Download or read book Negative Emissions Technologies and Reliable Sequestration written by National Academies of Sciences, Engineering, and Medicine and published by National Academies Press. This book was released on 2019-04-08 with total page 511 pages. Available in PDF, EPUB and Kindle. Book excerpt: To achieve goals for climate and economic growth, "negative emissions technologies" (NETs) that remove and sequester carbon dioxide from the air will need to play a significant role in mitigating climate change. Unlike carbon capture and storage technologies that remove carbon dioxide emissions directly from large point sources such as coal power plants, NETs remove carbon dioxide directly from the atmosphere or enhance natural carbon sinks. Storing the carbon dioxide from NETs has the same impact on the atmosphere and climate as simultaneously preventing an equal amount of carbon dioxide from being emitted. Recent analyses found that deploying NETs may be less expensive and less disruptive than reducing some emissions, such as a substantial portion of agricultural and land-use emissions and some transportation emissions. In 2015, the National Academies published Climate Intervention: Carbon Dioxide Removal and Reliable Sequestration, which described and initially assessed NETs and sequestration technologies. This report acknowledged the relative paucity of research on NETs and recommended development of a research agenda that covers all aspects of NETs from fundamental science to full-scale deployment.
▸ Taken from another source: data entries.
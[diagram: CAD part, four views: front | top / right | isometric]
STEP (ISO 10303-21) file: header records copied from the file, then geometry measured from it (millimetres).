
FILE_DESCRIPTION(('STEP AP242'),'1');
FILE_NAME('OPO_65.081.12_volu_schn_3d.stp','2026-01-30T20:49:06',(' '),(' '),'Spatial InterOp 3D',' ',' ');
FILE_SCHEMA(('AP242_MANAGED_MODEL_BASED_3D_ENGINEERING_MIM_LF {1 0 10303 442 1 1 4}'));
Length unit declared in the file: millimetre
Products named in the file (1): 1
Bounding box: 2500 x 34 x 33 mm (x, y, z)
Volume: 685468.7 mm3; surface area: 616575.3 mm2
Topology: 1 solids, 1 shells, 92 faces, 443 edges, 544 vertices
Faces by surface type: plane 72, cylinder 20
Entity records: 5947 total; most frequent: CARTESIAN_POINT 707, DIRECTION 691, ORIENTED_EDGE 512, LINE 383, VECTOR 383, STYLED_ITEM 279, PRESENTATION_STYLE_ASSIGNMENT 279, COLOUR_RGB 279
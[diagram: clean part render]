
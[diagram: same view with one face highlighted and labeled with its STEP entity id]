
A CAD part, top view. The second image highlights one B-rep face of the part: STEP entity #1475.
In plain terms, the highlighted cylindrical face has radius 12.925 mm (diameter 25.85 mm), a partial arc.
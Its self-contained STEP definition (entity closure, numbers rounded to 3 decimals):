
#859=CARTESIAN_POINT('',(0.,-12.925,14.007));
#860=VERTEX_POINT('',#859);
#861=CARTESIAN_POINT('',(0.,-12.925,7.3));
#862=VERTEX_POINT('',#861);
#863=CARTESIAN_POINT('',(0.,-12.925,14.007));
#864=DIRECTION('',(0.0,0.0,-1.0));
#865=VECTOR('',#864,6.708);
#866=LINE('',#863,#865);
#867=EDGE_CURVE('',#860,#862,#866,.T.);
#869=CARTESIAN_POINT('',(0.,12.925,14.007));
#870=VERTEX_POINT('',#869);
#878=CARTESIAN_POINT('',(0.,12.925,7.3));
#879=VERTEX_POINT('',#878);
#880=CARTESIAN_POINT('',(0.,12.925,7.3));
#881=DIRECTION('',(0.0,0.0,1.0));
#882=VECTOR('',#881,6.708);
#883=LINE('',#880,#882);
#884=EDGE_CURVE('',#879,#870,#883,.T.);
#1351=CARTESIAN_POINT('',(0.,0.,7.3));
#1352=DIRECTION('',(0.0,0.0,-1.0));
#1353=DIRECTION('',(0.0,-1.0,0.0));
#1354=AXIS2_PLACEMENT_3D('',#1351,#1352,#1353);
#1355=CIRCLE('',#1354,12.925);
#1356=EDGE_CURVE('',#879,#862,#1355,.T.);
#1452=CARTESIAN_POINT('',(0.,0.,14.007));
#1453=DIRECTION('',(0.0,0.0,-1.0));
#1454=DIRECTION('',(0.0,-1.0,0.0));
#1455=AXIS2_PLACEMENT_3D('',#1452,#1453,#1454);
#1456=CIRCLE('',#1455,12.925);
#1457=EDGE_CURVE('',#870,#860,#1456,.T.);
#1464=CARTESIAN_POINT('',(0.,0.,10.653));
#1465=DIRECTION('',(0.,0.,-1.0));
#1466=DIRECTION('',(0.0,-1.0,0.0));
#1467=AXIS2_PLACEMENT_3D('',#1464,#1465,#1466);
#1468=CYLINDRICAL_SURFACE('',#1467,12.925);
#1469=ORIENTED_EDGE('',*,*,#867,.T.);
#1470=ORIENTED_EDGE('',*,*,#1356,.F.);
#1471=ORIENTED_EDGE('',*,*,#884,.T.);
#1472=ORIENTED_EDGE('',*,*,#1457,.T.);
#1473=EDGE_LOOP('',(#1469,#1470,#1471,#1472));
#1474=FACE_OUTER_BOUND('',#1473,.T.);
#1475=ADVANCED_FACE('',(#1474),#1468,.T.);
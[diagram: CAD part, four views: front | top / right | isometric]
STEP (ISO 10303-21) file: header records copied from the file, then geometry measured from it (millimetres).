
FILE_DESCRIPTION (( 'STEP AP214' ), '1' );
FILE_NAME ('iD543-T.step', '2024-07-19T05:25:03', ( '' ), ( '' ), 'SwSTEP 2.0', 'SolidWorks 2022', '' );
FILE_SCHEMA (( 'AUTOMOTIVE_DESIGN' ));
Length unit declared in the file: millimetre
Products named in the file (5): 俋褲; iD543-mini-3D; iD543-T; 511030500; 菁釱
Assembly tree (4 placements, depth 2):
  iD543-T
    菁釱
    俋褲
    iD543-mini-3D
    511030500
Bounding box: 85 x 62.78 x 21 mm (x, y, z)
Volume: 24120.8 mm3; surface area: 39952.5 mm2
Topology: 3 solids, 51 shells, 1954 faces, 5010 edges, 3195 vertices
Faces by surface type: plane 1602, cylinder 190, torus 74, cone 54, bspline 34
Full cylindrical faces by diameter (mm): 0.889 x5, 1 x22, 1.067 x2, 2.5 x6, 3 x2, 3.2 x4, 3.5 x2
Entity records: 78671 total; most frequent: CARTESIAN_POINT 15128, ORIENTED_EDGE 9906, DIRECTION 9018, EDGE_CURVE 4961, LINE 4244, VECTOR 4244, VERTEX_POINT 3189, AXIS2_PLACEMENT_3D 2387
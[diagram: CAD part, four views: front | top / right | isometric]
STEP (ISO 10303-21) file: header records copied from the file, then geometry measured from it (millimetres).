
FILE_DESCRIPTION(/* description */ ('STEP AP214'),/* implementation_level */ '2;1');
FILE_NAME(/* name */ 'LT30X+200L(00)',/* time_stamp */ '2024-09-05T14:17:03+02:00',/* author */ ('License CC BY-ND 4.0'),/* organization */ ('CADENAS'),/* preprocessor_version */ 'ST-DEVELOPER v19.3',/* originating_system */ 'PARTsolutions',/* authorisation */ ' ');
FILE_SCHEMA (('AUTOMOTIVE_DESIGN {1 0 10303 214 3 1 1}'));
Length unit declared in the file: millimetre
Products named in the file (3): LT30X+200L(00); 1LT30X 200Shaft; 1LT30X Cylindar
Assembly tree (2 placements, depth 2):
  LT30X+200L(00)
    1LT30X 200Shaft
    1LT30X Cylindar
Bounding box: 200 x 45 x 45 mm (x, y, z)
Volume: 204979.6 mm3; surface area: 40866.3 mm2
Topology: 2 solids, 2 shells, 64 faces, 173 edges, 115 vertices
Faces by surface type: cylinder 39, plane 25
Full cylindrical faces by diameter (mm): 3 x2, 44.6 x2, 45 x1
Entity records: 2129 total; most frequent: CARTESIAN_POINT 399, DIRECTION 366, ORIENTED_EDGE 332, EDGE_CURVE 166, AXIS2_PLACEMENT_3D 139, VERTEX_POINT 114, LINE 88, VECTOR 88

To address this need, Negative Emissions Technologies and Reliable Sequestration: A Research Agenda assesses the benefits, risks, and "sustainable scale potential" for NETs and sequestration. This report also defines the essential components of a research and development program, including its estimated costs and potential impact.

Download or read book Ecosystem Services Derived from Wetland Conservation Practices in the United States Prairie Pothole Region with an Emphasis on the U S Department of Agriculture Conservation Reserve and Wetlands Reserve Programs written by Robert A. Gleason and published by Geological Survey (USGS). This book was released on 2008 with total page 74 pages. Available in PDF, EPUB and Kindle. Book excerpt:

Download or read book Foundations of Restoration Ecology written by Society for Ecological Restoration International and published by Island Press. This book was released on 2016-11 with total page 580 pages. Available in PDF, EPUB and Kindle. Book excerpt: "Society for Ecological Restoration"--Cover.